Slowing Learning by Erasing Simple Features
Lucia Quirke, Nora Belrose
TL;DR
The paper investigates the learning biases of neural networks by erasing simple statistical cues from data. It introduces LEACE for first-order information and two quadratic erasure methods, QLEACE and ALF-QLEACE, grounded in optimal transport theory, to remove informative moments from representations. Across CIFAR-10, CIFARNet, SVHN, and modern architectures, LEACE consistently slows learning, while quadratic erasure yields mixed, architecture-dependent outcomes including backfiring in some cases; gradient-based and ALF variants show augmentation-like effects but can be unreliable. The work highlights both the potential and pitfalls of concept erasure for interpretability and robustness, emphasizing caution when applying quadratic erasure in practice.
Abstract
Prior work suggests that neural networks tend to learn low-order moments of the data distribution first, before moving on to higher-order correlations. In this work, we derive a novel closed-form concept erasure method, QLEACE, which surgically removes all quadratically available information about a concept from a representation.

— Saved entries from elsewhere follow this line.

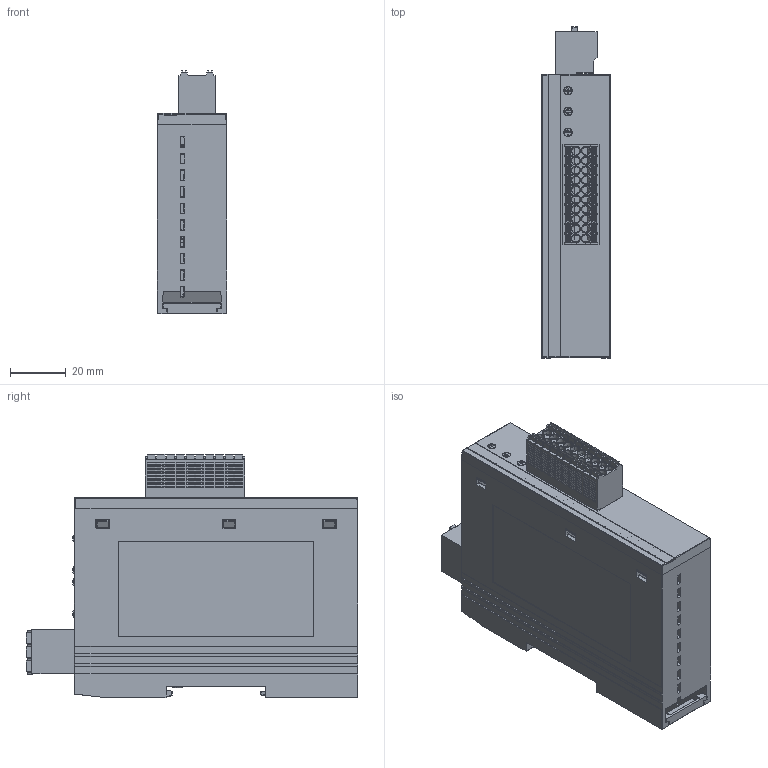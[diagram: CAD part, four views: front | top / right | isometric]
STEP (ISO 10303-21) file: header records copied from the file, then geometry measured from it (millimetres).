
FILE_DESCRIPTION((''),'2;1');
FILE_NAME('EI4_CB4_2_V1_00','2023-09-28T14:14:54',('董'),(''),'CREO PARAMETRIC BY PTC INC, 2020033','CREO PARAMETRIC BY PTC INC, 2020033','');
FILE_SCHEMA(('CONFIG_CONTROL_DESIGN'));
Products named in the file (1): EI4_CB4_2_V1_00
Bounding box: 25 x 119.4 x 87.5 mm (x, y, z)
Volume: 52747 mm3; surface area: 60579.8 mm2
Topology: 1 solids, 4 shells, 6418 faces, 17256 edges, 10675 vertices
Faces by surface type: plane 3909, cylinder 1751, bspline 364, sphere 152, cone 134, torus 108
Entity records: 212820 total; most frequent: CARTESIAN_POINT 56111, ORIENTED_EDGE 34238, DIRECTION 30153, EDGE_CURVE 17119, VECTOR 12417, LINE 12417, VERTEX_POINT 10675, AXIS2_PLACEMENT_3D 8868

Through comparisons with linear erasure (LEACE) and two approximate forms of quadratic erasure, we explore whether networks can still learn when low-order statistics are removed from image classification datasets. We find that while LEACE consistently slows learning, quadratic erasure can exhibit both positive and negative effects on learning speed depending on the choice of dataset, model architecture, and erasure method. Use of QLEACE consistently slows learning in feedforward architectures, but more sophisticated architectures learn to use injected higher order Shannon information about class labels. Its approximate variants avoid injecting information, but surprisingly act as data augmentation techniques on some datasets, enhancing learning speed compared to LEACE.